One of the men returned in the rain, the one Anne-Marie was sweet for, and handed over a document. The document was lawful, neat and concise. The only thing in the situation that was.

He looked over the paper that night by the candlelight, he read every word and it made him feel sick. He thought about tossing it into the fire.

But he didn’t.

Instead he placed it between some books. He was never one for reading.

* * *

It was a dank morning when he found the dog hanging from the porch.

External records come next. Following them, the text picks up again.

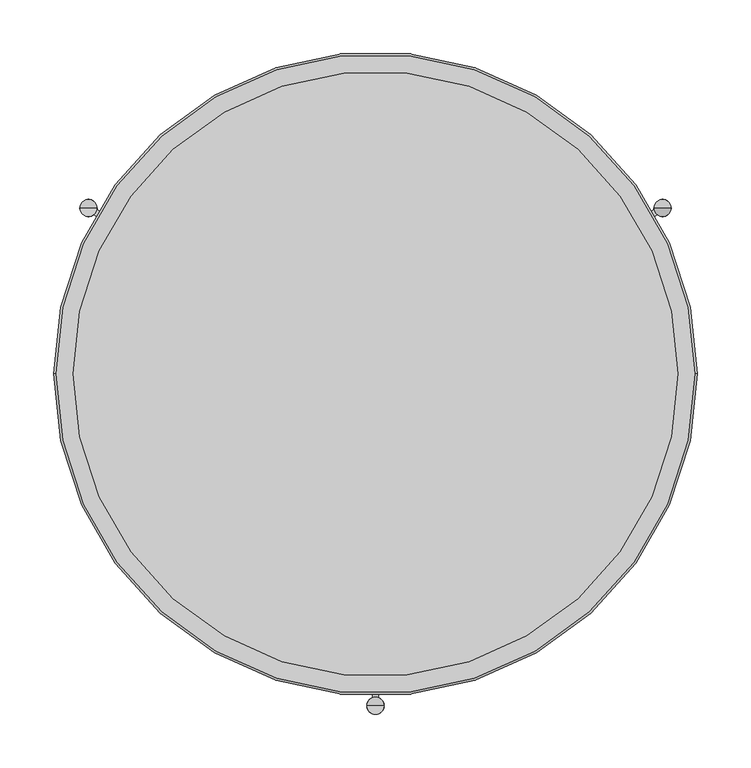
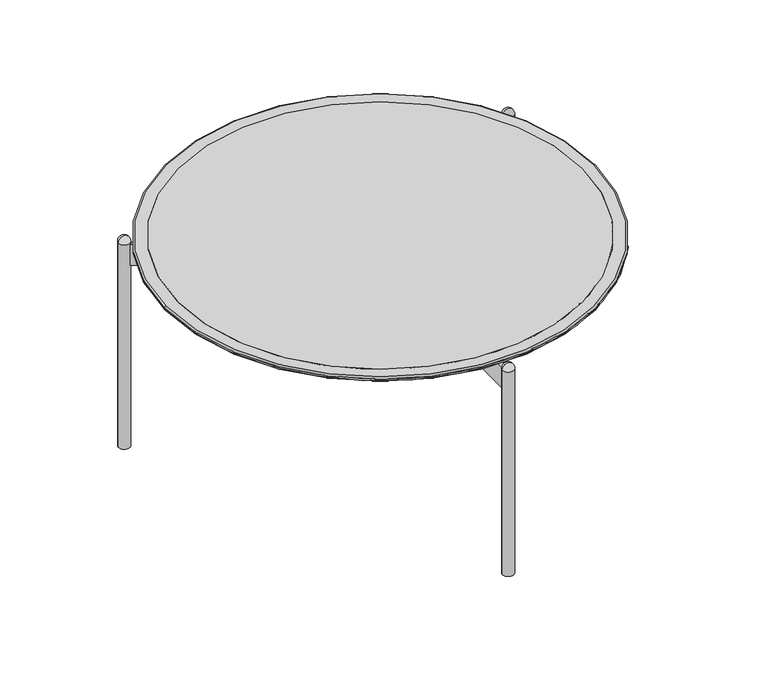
"""IFC4 building model written with IfcOpenShell, lengths in millimetres: furniture geometry, ROUND TABLE_H=31 : EI131B050060A_F."""

from ifc_helpers import new_model, si_unit, point, frame, frame_2d, origin, origin_with_axes, origin_2d, place, context, project, spatial, polyline, circle_curve, ellipse_curve, trimmed, segment, composite_curve, outline, extrude, source, transform, mapped, element, save
from ifc_brep_helpers import plane_surface, cylinder_surface, revolved_surface, advanced_brep


def furniture_d06894ee(model_context):
    return source(origin(), model_context, "Body", "SolidModel", [
        advanced_brep(
        [(-281.6888354, 0.0, 309.6939464), (281.6888354, 0.0, 309.6939464), (271.7931495, 0.0, 297.6939464), (-271.7931495, 0.0, 297.6939464), (-281.6888354, 0.0, 302.9555759), (281.6888354, 0.0, 302.9555759)],
        [
            (0, 1, circle_curve(frame((0.0, 0.0, 309.6939464), z_axis=(0.0, 0.0, 1.0), x_axis=(1.0, 0.0, 0.0)), 281.6888354)),
            (1, 0, circle_curve(frame((0.0, 0.0, 309.6939464), z_axis=(0.0, 0.0, 1.0), x_axis=(1.0, 0.0, 0.0)), 281.6888354)),
            (2, 3, circle_curve(frame((0.0, 0.0, 297.6939464), z_axis=(0.0, 0.0, -1.0), x_axis=(-1.0, 0.0, 0.0)), 271.7931495)),
            (3, 2, circle_curve(frame((0.0, 0.0, 297.6939464), z_axis=(0.0, 0.0, -1.0), x_axis=(1.0, 0.0, 0.0)), 271.7931495)),
            (0, 4),
            (4, 5, circle_curve(frame((0.0, 0.0, 302.9555759), z_axis=(0.0, 0.0, 1.0), x_axis=(1.0, 0.0, 0.0)), 281.6888354)),
            (5, 1),
            (5, 4, circle_curve(frame((0.0, 0.0, 302.9555759), z_axis=(0.0, 0.0, 1.0), x_axis=(1.0, 0.0, 0.0)), 281.6888354)),
            (4, 3),
            (2, 5),
        ],
        [
            plane_surface(frame((281.6888354, 0.0, 309.6939464), z_axis=(0.0, 0.0, 1.0), x_axis=(0.0, 1.0, 0.0))),
            plane_surface(frame((281.6888354, 0.0, 297.6939464), z_axis=(0.0, 0.0, -1.0), x_axis=(0.0, -1.0, 0.0))),
            cylinder_surface(frame((0.0, 0.0, 297.6939464), z_axis=(0.0, 0.0, 1.0), x_axis=(1.0, 0.0, 0.0)), 281.6888354),
            revolved_surface(polyline([(-271.7931495, 0.0, 297.6939464), (-298.6736789, 0.0, 311.9865774)]), (0.0, 0.0, 297.6939464), (0.0, 0.0, 1.0)),
            revolved_surface(polyline([(271.7931495, 0.0, 297.6939464), (298.6736789, 0.0, 311.9865774)]), (0.0, 0.0, 297.6939464), (0.0, 0.0, 1.0)),
        ],
        [
            (0, [[1, 2]]),
            (1, [[3, 4]]),
            (2, [[-1, 5, 6, 7]]),
            (2, [[-2, -7, 8, -5]]),
            (3, [[9, -3, 10, -6]]),
            (4, [[-9, -8, -10, -4]]),
        ],
    ),
        advanced_brep(
        [(281.6888354, 0.0, 297.6939464), (-281.6888354, 0.0, 297.6939464), (-281.6888354, 0.0, 309.6939464), (281.6888354, 0.0, 309.6939464), (289.0176248, 0.0, 298.0050898), (-289.0176248, 0.0, 298.0050898), (-287.8673572, 0.0, 297.6939464), (287.8673572, 0.0, 297.6939464), (298.8983956, 0.0, 303.7097555), (-298.8983956, 0.0, 303.7097555), (299.9899008, 0.0, 305.4486469), (-299.9899008, 0.0, 305.4486469), (299.9899008, 0.0, 307.6939464), (-299.9899008, 0.0, 307.6939464), (297.9899008, 0.0, 309.6939464), (-297.9899008, 0.0, 309.6939464)],
        [
            (0, 1, circle_curve(frame((0.0, 0.0, 297.6939464), z_axis=(0.0, 0.0, -1.0), x_axis=(-1.0, 0.0, 0.0)), 281.6888354)),
            (1, 2),
            (2, 3, circle_curve(frame((0.0, 0.0, 309.6939464), z_axis=(0.0, 0.0, 1.0), x_axis=(-1.0, 0.0, 0.0)), 281.6888354)),
            (3, 0),
            (4, 5, circle_curve(frame((0.0, 0.0, 298.0050898), z_axis=(0.0, 0.0, -1.0), x_axis=(-1.0, 0.0, 0.0)), 289.0176248)),
            (5, 6, circle_curve(frame((-287.8673572, 0.0, 299.9757328), z_axis=(0.0, -1.0, 0.0), x_axis=(1.0, 0.0, 0.0)), 2.2817865)),
            (6, 7, circle_curve(frame((0.0, 0.0, 297.6939464), z_axis=(0.0, 0.0, 1.0), x_axis=(-1.0, 0.0, 0.0)), 287.8673572)),
            (7, 4, circle_curve(frame((287.8673572, 0.0, 299.9757328), z_axis=(0.0, -1.0, 0.0), x_axis=(-1.0, 0.0, 0.0)), 2.2817865)),
            (8, 9, circle_curve(frame((0.0, 0.0, 303.7097555), z_axis=(0.0, 0.0, -1.0), x_axis=(-1.0, 0.0, 0.0)), 298.8983956)),
            (9, 5),
            (4, 8),
            (10, 11, circle_curve(frame((0.0, 0.0, 305.4486469), z_axis=(0.0, 0.0, -1.0), x_axis=(-1.0, 0.0, 0.0)), 299.9899008)),
            (11, 9, circle_curve(frame((-297.8009023, 0.0, 305.6106696), z_axis=(0.0, -1.0, 0.0), x_axis=(1.0, 0.0, 0.0)), 2.1949866)),
            (8, 10, circle_curve(frame((297.8009023, 0.0, 305.6106696), z_axis=(0.0, -1.0, 0.0), x_axis=(-1.0, 0.0, 0.0)), 2.1949866)),
            (12, 13, circle_curve(frame((0.0, 0.0, 307.6939464), z_axis=(0.0, 0.0, -1.0), x_axis=(-1.0, 0.0, 0.0)), 299.9899008)),
            (13, 11),
            (10, 12),
            (14, 15, circle_curve(frame((0.0, 0.0, 309.6939464), z_axis=(0.0, 0.0, -1.0), x_axis=(-1.0, 0.0, 0.0)), 297.9899008)),
            (15, 13, circle_curve(frame((-297.9899008, 0.0, 307.6939464), z_axis=(0.0, -1.0, 0.0), x_axis=(1.0, 0.0, 0.0)), 2.0)),
            (12, 14, circle_curve(frame((297.9899008, 0.0, 307.6939464), z_axis=(0.0, -1.0, 0.0), x_axis=(-1.0, 0.0, 0.0)), 2.0)),
            (1, 0, circle_curve(frame((0.0, 0.0, 297.6939464), z_axis=(0.0, 0.0, -1.0), x_axis=(1.0, 0.0, 0.0)), 281.6888354)),
            (3, 2, circle_curve(frame((0.0, 0.0, 309.6939464), z_axis=(0.0, 0.0, 1.0), x_axis=(1.0, 0.0, 0.0)), 281.6888354)),
            (6, 7, circle_curve(frame((0.0, 0.0, 297.6939464), z_axis=(0.0, 0.0, -1.0), x_axis=(1.0, 0.0, 0.0)), 287.8673572)),
            (5, 4, circle_curve(frame((0.0, 0.0, 298.0050898), z_axis=(0.0, 0.0, -1.0), x_axis=(1.0, 0.0, 0.0)), 289.0176248)),
            (9, 8, circle_curve(frame((0.0, 0.0, 303.7097555), z_axis=(0.0, 0.0, -1.0), x_axis=(1.0, 0.0, 0.0)), 298.8983956)),
            (11, 10, circle_curve(frame((0.0, 0.0, 305.4486469), z_axis=(0.0, 0.0, -1.0), x_axis=(1.0, 0.0, 0.0)), 299.9899008)),
            (13, 12, circle_curve(frame((0.0, 0.0, 307.6939464), z_axis=(0.0, 0.0, -1.0), x_axis=(1.0, 0.0, 0.0)), 299.9899008)),
            (15, 14, circle_curve(frame((0.0, 0.0, 309.6939464), z_axis=(0.0, 0.0, -1.0), x_axis=(1.0, 0.0, 0.0)), 297.9899008)),
        ],
        [
            revolved_surface(polyline([(-281.6888354, 0.0, 309.6939464), (-281.6888354, 0.0, 297.6939464)]), (0.0, 0.0, 297.6939464), (0.0, 0.0, 1.0)),
            revolved_surface(trimmed(ellipse_curve(frame((-287.8673572, 0.0, 299.9757328), z_axis=(0.0, 1.0, 0.0), x_axis=(1.0, 0.0, 0.0)), 2.2817865, 2.2817865), [point((-287.8673572, 0.0, 297.6939464))], [point((-289.0176248, 0.0, 298.0050898))], True, "CARTESIAN"), (0.0, 0.0, 297.6939464), (0.0, 0.0, 1.0)),
            revolved_surface(polyline([(-289.0176248, 0.0, 298.0050898), (-298.8983956, 0.0, 303.7097555)]), (0.0, 0.0, 297.6939464), (0.0, 0.0, 1.0)),
            revolved_surface(trimmed(ellipse_curve(frame((-297.8009023, 0.0, 305.6106696), z_axis=(0.0, 1.0, 0.0), x_axis=(1.0, 0.0, 0.0)), 2.1949866, 2.1949866), [point((-298.8983956, 0.0, 303.7097555))], [point((-299.9899008, 0.0, 305.4486469))], True, "CARTESIAN"), (0.0, 0.0, 297.6939464), (0.0, 0.0, 1.0)),
            cylinder_surface(frame((0.0, 0.0, 297.6939464), z_axis=(0.0, 0.0, 1.0), x_axis=(-1.0, 0.0, 0.0)), 299.9899008),
            revolved_surface(trimmed(ellipse_curve(frame((-297.9899008, 0.0, 307.6939464), z_axis=(0.0, 1.0, 0.0), x_axis=(1.0, 0.0, 0.0)), 2.0, 2.0), [point((-299.9899008, 0.0, 307.6939464))], [point((-297.9899008, 0.0, 309.6939464))], True, "CARTESIAN"), (0.0, 0.0, 297.6939464), (0.0, 0.0, 1.0)),
            revolved_surface(polyline([(281.6888354, 0.0, 309.6939464), (281.6888354, 0.0, 297.6939464)]), (0.0, 0.0, 297.6939464), (0.0, 0.0, 1.0)),
            plane_surface(frame((0.0, 0.0, 297.6939464), z_axis=(0.0, 0.0, -1.0), x_axis=(1.0, 0.0, 0.0))),
            revolved_surface(trimmed(ellipse_curve(frame((287.8673572, 0.0, 299.9757328), z_axis=(0.0, -1.0, 0.0), x_axis=(-1.0, 0.0, 0.0)), 2.2817865, 2.2817865), [point((287.8673572, 0.0, 297.6939464))], [point((289.0176248, 0.0, 298.0050898))], True, "CARTESIAN"), (0.0, 0.0, 297.6939464), (0.0, 0.0, 1.0)),
            revolved_surface(polyline([(289.0176248, 0.0, 298.0050898), (298.8983956, 0.0, 303.7097555)]), (0.0, 0.0, 297.6939464), (0.0, 0.0, 1.0)),
            revolved_surface(trimmed(ellipse_curve(frame((297.8009023, 0.0, 305.6106696), z_axis=(0.0, -1.0, 0.0), x_axis=(-1.0, 0.0, 0.0)), 2.1949866, 2.1949866), [point((298.8983956, 0.0, 303.7097555))], [point((299.9899008, 0.0, 305.4486469))], True, "CARTESIAN"), (0.0, 0.0, 297.6939464), (0.0, 0.0, 1.0)),
            cylinder_surface(frame((0.0, 0.0, 297.6939464), z_axis=(0.0, 0.0, 1.0), x_axis=(1.0, 0.0, 0.0)), 299.9899008),
            revolved_surface(trimmed(ellipse_curve(frame((297.9899008, 0.0, 307.6939464), z_axis=(0.0, -1.0, 0.0), x_axis=(-1.0, 0.0, 0.0)), 2.0, 2.0), [point((299.9899008, 0.0, 307.6939464))], [point((297.9899008, 0.0, 309.6939464))], True, "CARTESIAN"), (0.0, 0.0, 297.6939464), (0.0, 0.0, 1.0)),
            plane_surface(frame((0.0, 0.0, 309.6939464), z_axis=(0.0, 0.0, 1.0), x_axis=(1.0, 0.0, 0.0))),
        ],
        [
            (0, [[1, 2, 3, 4]]),
            (1, [[5, 6, 7, 8]]),
            (2, [[9, 10, -5, 11]]),
            (3, [[12, 13, -9, 14]]),
            (4, [[15, 16, -12, 17]]),
            (5, [[18, 19, -15, 20]]),
            (6, [[21, -4, 22, -2]]),
            (7, [[23, -7], [-21, -1]]),
            (8, [[24, -8, -23, -6]]),
            (9, [[25, -11, -24, -10]]),
            (10, [[26, -14, -25, -13]]),
            (11, [[27, -17, -26, -16]]),
            (12, [[28, -20, -27, -19]]),
            (13, [[-28, -18], [-22, -3]]),
        ],
    ),
        extrude(outline(composite_curve([segment(polyline([(-19.7129166, 7.9278768), (-262.7443334, 148.2421307)]), True, "CONTINUOUS"), segment(trimmed(circle_curve(frame_2d((-267.6, 154.6)), 8.0), [point((-262.7443334, 148.2421307))], [point((-259.6895089, 153.4066303))], True, "CARTESIAN"), True, "CONTINUOUS"), segment(polyline([(-259.6895089, 153.4066303), (-16.7129166, 13.1240293), (-19.7129166, 7.9278768)]), True, "CONTINUOUS")], self_intersect=False)), frame((0.0, 0.0, 267.6939464), z_axis=(0.0, 0.0, 1.0), x_axis=(1.0, 0.0, 0.0)), (0.0, 0.0, 1.0), 30.0),
        extrude(outline(composite_curve([segment(polyline([(19.7314855, 7.9171561), (16.7314855, 13.1133085), (259.6925075, 153.38692)]), True, "CONTINUOUS"), segment(trimmed(circle_curve(frame_2d((267.6, 154.6)), 8.0), [point((259.6925075, 153.38692))], [point((262.7603454, 148.2299338))], True, "CARTESIAN"), True, "CONTINUOUS"), segment(polyline([(262.7603454, 148.2299338), (19.7314855, 7.9171561)]), True, "CONTINUOUS")], self_intersect=False)), frame((0.0, 0.0, 267.6939464), z_axis=(0.0, 0.0, 1.0), x_axis=(1.0, 0.0, 0.0)), (0.0, 0.0, 1.0), 30.0),
        extrude(outline(composite_curve([segment(polyline([(3.0, -21.0411853), (3.0, -301.5838015)]), True, "CONTINUOUS"), segment(trimmed(circle_curve(frame_2d((0.0, -309.0)), 8.0), [point((3.0, -301.5838015))], [point((-3.0, -301.5838015))], True, "CARTESIAN"), True, "CONTINUOUS"), segment(polyline([(-3.0, -301.5838015), (-3.0, -21.0411853), (3.0, -21.0411853)]), True, "CONTINUOUS")], self_intersect=False)), frame((0.0, 0.0, 267.6939464), z_axis=(0.0, 0.0, 1.0), x_axis=(1.0, 0.0, 0.0)), (0.0, 0.0, 1.0), 30.0),
        advanced_brep(
        [(267.6, 154.6, 309.1666667), (259.6, 154.6, 301.1666667), (275.6, 154.6, 301.1666667), (267.6, 154.6, 301.1666667)],
        [
            (0, 1, circle_curve(frame((267.6, 154.6, 301.1666667), z_axis=(0.0, -1.0, 0.0), x_axis=(1.0, 0.0, 0.0)), 8.0)),
            (1, 2, circle_curve(frame((267.6, 154.6, 301.1666667), z_axis=(0.0, 0.0, 1.0), x_axis=(-1.0, 0.0, 0.0)), 8.0)),
            (2, 0, circle_curve(frame((267.6, 154.6, 301.1666667), z_axis=(0.0, -1.0, 0.0), x_axis=(-1.0, 0.0, 0.0)), 8.0)),
            (2, 1, circle_curve(frame((267.6, 154.6, 301.1666667), z_axis=(0.0, 0.0, 1.0), x_axis=(-1.0, 0.0, 0.0)), 8.0)),
            (1, 3),
            (3, 2),
        ],
        [
            revolved_surface(trimmed(ellipse_curve(frame((267.6, 154.6, 301.1666667), z_axis=(0.0, 1.0, 0.0), x_axis=(1.0, 0.0, 0.0)), 8.0, 8.0), [point((259.6, 154.6, 301.1666667))], [point((267.6, 154.6, 309.1666667))], True, "CARTESIAN"), (267.6, 154.6, 2498.4), (0.0, 0.0, 1.0)),
            plane_surface(frame((267.6, 154.6, 301.1666667), z_axis=(0.0, 0.0, -1.0), x_axis=(-1.0, 0.0, 0.0))),
        ],
        [
            (0, [[1, 2, 3]]),
            (0, [[-3, 4, -1]]),
            (1, [[-2, 5, 6]]),
            (1, [[-4, -6, -5]]),
        ],
    ),
        advanced_brep(
        [(267.6, 154.6, 309.1666667), (259.6, 154.6, 301.1666667), (275.6, 154.6, 301.1666667), (267.6, 154.6, 301.1666667)],
        [
            (0, 1, circle_curve(frame((267.6, 154.6, 301.1666667), z_axis=(0.0, -1.0, 0.0), x_axis=(1.0, 0.0, 0.0)), 8.0)),
            (1, 2, circle_curve(frame((267.6, 154.6, 301.1666667), z_axis=(0.0, 0.0, 1.0), x_axis=(-1.0, 0.0, 0.0)), 8.0)),
            (2, 0, circle_curve(frame((267.6, 154.6, 301.1666667), z_axis=(0.0, -1.0, 0.0), x_axis=(-1.0, 0.0, 0.0)), 8.0)),
            (2, 1, circle_curve(frame((267.6, 154.6, 301.1666667), z_axis=(0.0, 0.0, 1.0), x_axis=(-1.0, 0.0, 0.0)), 8.0)),
            (1, 3),
            (3, 2),
        ],
        [
            revolved_surface(trimmed(ellipse_curve(frame((267.6, 154.6, 301.1666667), z_axis=(0.0, 1.0, 0.0), x_axis=(1.0, 0.0, 0.0)), 8.0, 8.0), [point((259.6, 154.6, 301.1666667))], [point((267.6, 154.6, 309.1666667))], True, "CARTESIAN"), (267.6, 154.6, 2498.4), (0.0, 0.0, 1.0)),
            plane_surface(frame((267.6, 154.6, 301.1666667), z_axis=(0.0, 0.0, -1.0), x_axis=(-1.0, 0.0, 0.0))),
        ],
        [
            (0, [[1, 2, 3]]),
            (0, [[-3, 4, -1]]),
            (1, [[-2, 5, 6]]),
            (1, [[-4, -6, -5]]),
        ],
    ),
        advanced_brep(
        [(-275.6, 154.6, 301.1666667), (-259.6, 154.6, 301.1666667), (-267.6, 154.6, 309.1666667), (-267.6, 154.6, 301.1666667)],
        [
            (0, 1, circle_curve(frame((-267.6, 154.6, 301.1666667), z_axis=(0.0, 0.0, 1.0), x_axis=(1.0, 0.0, 0.0)), 8.0)),
            (1, 2, circle_curve(frame((-267.6, 154.6, 301.1666667), z_axis=(0.0, -1.0, 0.0), x_axis=(-1.0, 0.0, 0.0)), 8.0)),
            (2, 0, circle_curve(frame((-267.6, 154.6, 301.1666667), z_axis=(0.0, -1.0, 0.0), x_axis=(1.0, 0.0, 0.0)), 8.0)),
            (1, 0, circle_curve(frame((-267.6, 154.6, 301.1666667), z_axis=(0.0, 0.0, 1.0), x_axis=(1.0, 0.0, 0.0)), 8.0)),
            (3, 1),
            (0, 3),
        ],
        [
            revolved_surface(trimmed(ellipse_curve(frame((-267.6, 154.6, 301.1666667), z_axis=(0.0, 1.0, 0.0), x_axis=(-1.0, 0.0, 0.0)), 8.0, 8.0), [point((-267.6, 154.6, 309.1666667))], [point((-259.6, 154.6, 301.1666667))], True, "CARTESIAN"), (-267.6, 154.6, 2498.4), (0.0, 0.0, -1.0)),
            plane_surface(frame((-267.6, 154.6, 301.1666667), z_axis=(0.0, 0.0, -1.0), x_axis=(1.0, 0.0, 0.0))),
        ],
        [
            (0, [[1, 2, 3]]),
            (0, [[4, -3, -2]]),
            (1, [[5, -1, 6]]),
            (1, [[-6, -4, -5]]),
        ],
    ),
        advanced_brep(
        [(-8.025371, -309.0, 301.1666667), (7.974629, -309.0, 301.1666667), (-0.025371, -309.0, 309.1666667), (-0.025371, -309.0, 301.1666667)],
        [
            (0, 1, circle_curve(frame((-0.025371, -309.0, 301.1666667), z_axis=(0.0, 0.0, 1.0), x_axis=(1.0, 0.0, 0.0)), 8.0)),
            (1, 2, circle_curve(frame((-0.025371, -309.0, 301.1666667), z_axis=(0.0, -1.0, 0.0), x_axis=(-1.0, 0.0, 0.0)), 8.0)),
            (2, 0, circle_curve(frame((-0.025371, -309.0, 301.1666667), z_axis=(0.0, -1.0, 0.0), x_axis=(1.0, 0.0, 0.0)), 8.0)),
            (1, 0, circle_curve(frame((-0.025371, -309.0, 301.1666667), z_axis=(0.0, 0.0, 1.0), x_axis=(1.0, 0.0, 0.0)), 8.0)),
            (3, 1),
            (0, 3),
        ],
        [
            revolved_surface(trimmed(ellipse_curve(frame((-0.025371, -309.0, 301.1666667), z_axis=(0.0, 1.0, 0.0), x_axis=(-1.0, 0.0, 0.0)), 8.0, 8.0), [point((-0.025371, -309.0, 309.1666667))], [point((7.974629, -309.0, 301.1666667))], True, "CARTESIAN"), (-0.025371, -309.0, 2498.4), (0.0, 0.0, -1.0)),
            plane_surface(frame((-0.025371, -309.0, 301.1666667), z_axis=(0.0, 0.0, -1.0), x_axis=(1.0, 0.0, 0.0))),
        ],
        [
            (0, [[1, 2, 3]]),
            (0, [[4, -3, -2]]),
            (1, [[5, -1, 6]]),
            (1, [[-6, -4, -5]]),
        ],
    ),
        extrude(outline(composite_curve([segment(trimmed(circle_curve(origin_2d(), 23.0), [point((-23.0, 0.0))], [point((23.0, 0.0))], False, "CARTESIAN"), True, "CONTINUOUS"), segment(trimmed(circle_curve(origin_2d(), 23.0), [point((23.0, 0.0))], [point((-23.0, 0.0))], False, "CARTESIAN"), True, "CONTINUOUS")], self_intersect=False)), frame((0.0, 0.0, 267.6939464), z_axis=(0.0, 0.0, 1.0), x_axis=(1.0, 0.0, 0.0)), (0.0, 0.0, 1.0), 30.0),
        extrude(outline(composite_curve([segment(trimmed(circle_curve(frame_2d((-267.6, 154.6)), 8.0), [point((-275.6, 154.6))], [point((-259.6, 154.6))], False, "CARTESIAN"), True, "CONTINUOUS"), segment(trimmed(circle_curve(frame_2d((-267.6, 154.6)), 8.0), [point((-259.6, 154.6))], [point((-275.6, 154.6))], False, "CARTESIAN"), True, "CONTINUOUS")], self_intersect=False)), origin_with_axes(), (0.0, 0.0, 1.0), 301.1666667),
        extrude(outline(composite_curve([segment(trimmed(circle_curve(frame_2d((267.6, 154.6)), 8.0), [point((259.6, 154.6))], [point((275.6, 154.6))], False, "CARTESIAN"), True, "CONTINUOUS"), segment(trimmed(circle_curve(frame_2d((267.6, 154.6)), 8.0), [point((275.6, 154.6))], [point((259.6, 154.6))], False, "CARTESIAN"), True, "CONTINUOUS")], self_intersect=False)), origin_with_axes(), (0.0, 0.0, 1.0), 301.1666667),
        extrude(outline(composite_curve([segment(trimmed(circle_curve(frame_2d((0.0, -309.0)), 8.0), [point((-8.0, -309.0))], [point((8.0, -309.0))], False, "CARTESIAN"), True, "CONTINUOUS"), segment(trimmed(circle_curve(frame_2d((0.0, -309.0)), 8.0), [point((8.0, -309.0))], [point((-8.0, -309.0))], False, "CARTESIAN"), True, "CONTINUOUS")], self_intersect=False)), origin_with_axes(), (0.0, 0.0, 1.0), 301.1666667),
    ])


if __name__ == "__main__":
    model = new_model("IFC4")
    model_context = context("Model", 3, world=origin())
    ifc_project = project(units=[si_unit("LENGTHUNIT", "METRE", prefix="MILLI")], contexts=[model_context])
    site = spatial("IfcSite", under=ifc_project)
    building = spatial("IfcBuilding", under=site)
    placement = place(None, origin())
    furniture_shape = furniture_d06894ee(model_context)
    element("IfcFurniture", 1, ObjectType="ROUND TABLE_H=31 : EI131B050060A_F", at=placement, inside=building, context=model_context, shape_type="MappedRepresentation", body=[
        mapped(furniture_shape, transform((0.0, 0.0, 0.0), x_axis=(1.0, 0.0, 0.0), y_axis=(0.0, 1.0, 0.0), z_axis=(0.0, 0.0, 1.0))),
    ])
    save(model, "model.ifc")

That dog had made the trip from Boston. And although he never would have admitted it to his wife or daughters, he loved that dog...

Now it hung by a thin piece of frayed rope, it’s dark eyes glazed over. Somehow its fur seemed different.

He thought about going into town to confront the men, but there was too much to do on the homestead, and he knew that ultimately the long journey wouldn’t be worth the effort.

* * *

He was surprised that his daughters’ tiny hands were holding her body. He thought the rusty nails would have torn straight through them, causing her body to slump onto the muddy ground. But there she hung.

They’d torn part of her dress off and her small, still forming tits glistened with rain.

They’d nailed her to the water tower.

* * *

She looked so peaceful it wasn’t right. Her favourite book laid on her lap stained with blood. A hole in her head. He didn’t have the heart to move her, so there she stayed, her glazed eyes peering out over the infinite grass. His wife, the meekest person he had ever met.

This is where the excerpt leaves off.